Zhou Cheng remained unmoved, and still cautiously added a third layer of steel wire binding.

I saw that Zhou Cheng tied the steel wire into a certain shape in advance, similar to a spring, and then sent the distal end into the opening.

Outside the periosteum, it is close to the muscles. What Zhou Cheng needs to do is to let the steel wire wrap around the bone. The difficulty of this step is also unimaginable.

Even in the cut state, the placement of the steel wire still requires the aid of formulas!

But I saw that Zhou Cheng fed the steel wire in as easily as turning a screw, and then took out the wire head very simply from the incision below.

Seeing this, including Professor Xue Xiude, the scalp was numb, and the muscles in the hands were extremely stiff.

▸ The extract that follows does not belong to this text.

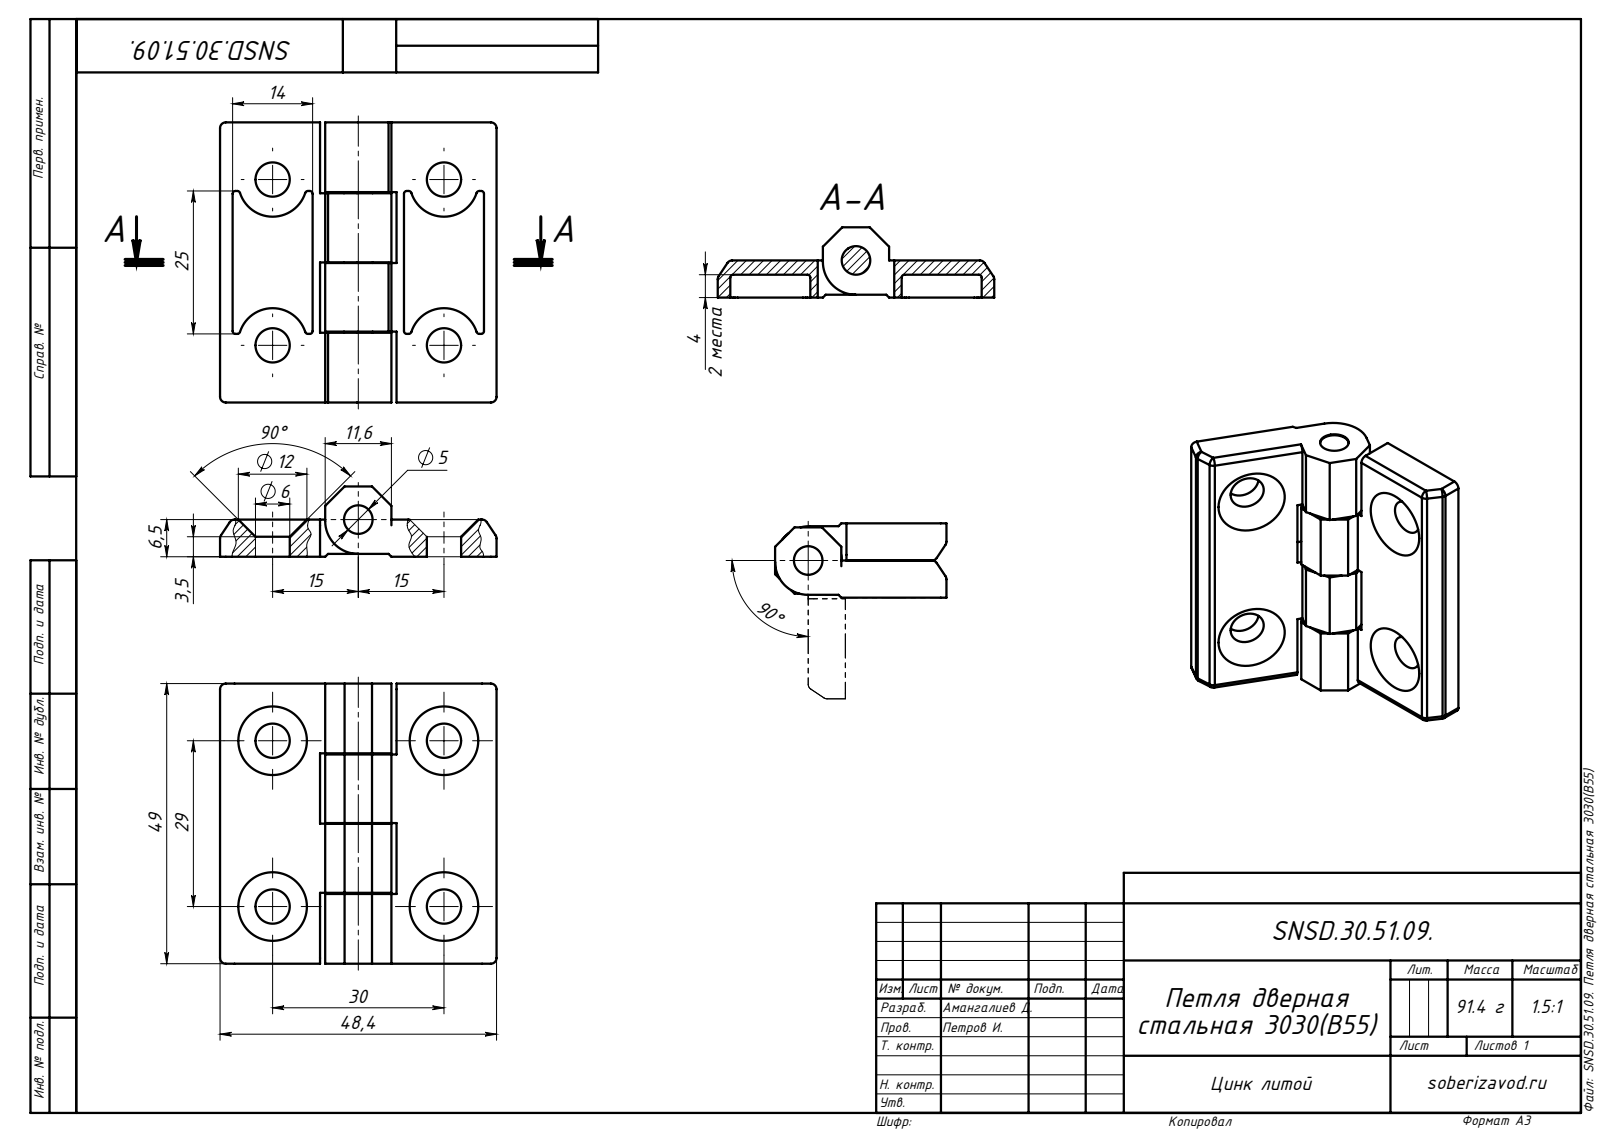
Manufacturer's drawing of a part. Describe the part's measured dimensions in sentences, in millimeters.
The part is named "SNSD.30.51.09. Петля дверная стальная 3030(B55); SNSD.30.50.96. Петля дверная алюминевая 3045(B47)E07B48B54B55_00". Its 3-D file was written by "SolidWorks 2014 (AUTOMOTIVE_DESIGN)". It is 3 solids with 172 faces: 66 planar, 70 cylindrical and 36 other. Overall it measures 49 by 48.39 by 12.29 millimeters. Its volume is 13 476 cubic millimeters and its surface area 9 623 square millimeters. Round holes: 4 of diameter 6, 1 of diameter 5. Partial cylindrical surfaces (rounded edges, fillets, slot ends): 22 of radius 0.5, 14 of radius 1, 5 of radius 6, 1 of radius 5.74. The main face-to-face distances are 6.5, 4, 2.5, 12.2, 29.99, 2.2, 16.2, 24.4, 12.4, 17.5. The hole center spacings are 29, 29.99, 41.72.

This is the most difficult step in this operation, even more difficult than blind drilling into the hole of the internal fixation device. They thought that Zhou Cheng would spend a lot of time!

but?
It seems that this is not the case.

Several people were stunned for a moment, their tone was not calm, Landscape Star even grabbed Zhou Cheng's hand, looked carefully for a while, and said in a trembling tone: "Xiao Zhou?"

"This unscientific!"

(End of this chapter)

Tap the screen to use advanced tools Tip: You can use left and right keyboard keys to browse between chapters.